What is expected: Copy each line that includes the string "placement" from the material into your answer.

Segment Open

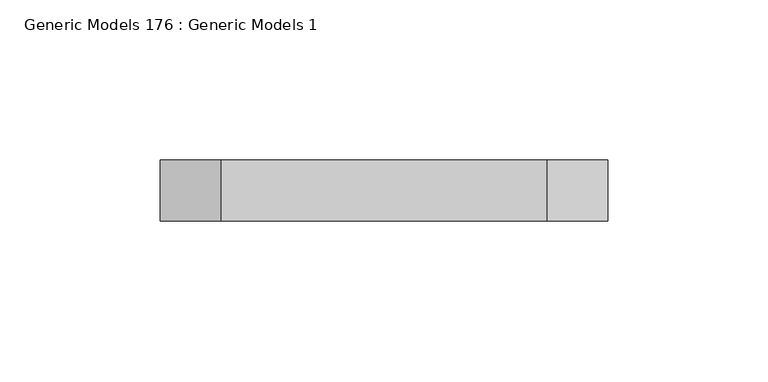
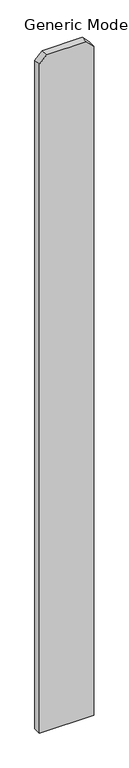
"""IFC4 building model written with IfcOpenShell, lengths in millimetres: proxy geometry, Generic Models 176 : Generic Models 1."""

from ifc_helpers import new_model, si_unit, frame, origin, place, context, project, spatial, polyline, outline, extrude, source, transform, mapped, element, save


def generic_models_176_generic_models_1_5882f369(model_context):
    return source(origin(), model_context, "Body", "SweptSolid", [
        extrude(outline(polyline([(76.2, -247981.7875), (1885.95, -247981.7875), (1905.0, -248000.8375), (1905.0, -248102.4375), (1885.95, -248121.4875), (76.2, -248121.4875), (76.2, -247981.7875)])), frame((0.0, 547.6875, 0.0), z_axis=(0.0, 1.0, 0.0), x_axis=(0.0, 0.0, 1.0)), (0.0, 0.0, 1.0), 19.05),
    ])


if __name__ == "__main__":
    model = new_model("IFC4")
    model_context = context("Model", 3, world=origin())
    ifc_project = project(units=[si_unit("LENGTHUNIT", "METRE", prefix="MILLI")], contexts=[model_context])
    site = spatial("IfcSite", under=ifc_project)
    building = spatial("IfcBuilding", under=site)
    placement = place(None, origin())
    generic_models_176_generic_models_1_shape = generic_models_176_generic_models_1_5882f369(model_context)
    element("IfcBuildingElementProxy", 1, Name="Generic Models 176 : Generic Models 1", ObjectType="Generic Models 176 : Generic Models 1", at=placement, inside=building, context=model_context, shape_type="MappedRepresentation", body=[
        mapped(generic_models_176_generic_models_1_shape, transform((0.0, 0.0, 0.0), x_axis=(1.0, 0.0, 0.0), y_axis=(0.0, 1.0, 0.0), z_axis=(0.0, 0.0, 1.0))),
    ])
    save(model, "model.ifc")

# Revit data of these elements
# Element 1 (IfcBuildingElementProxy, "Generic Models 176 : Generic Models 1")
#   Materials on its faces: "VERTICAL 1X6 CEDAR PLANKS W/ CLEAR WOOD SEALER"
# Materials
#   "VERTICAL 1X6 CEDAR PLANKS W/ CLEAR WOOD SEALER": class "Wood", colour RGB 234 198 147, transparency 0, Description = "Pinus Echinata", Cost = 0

Segment Closed

Your solution:
    placement = place(None, origin())
    element("IfcBuildingElementProxy", 1, Name="Generic Models 176 : Generic Models 1", ObjectType="Generic Models 176 : Generic Models 1", at=placement, inside=building, context=model_context, shape_type="MappedRepresentation", body=[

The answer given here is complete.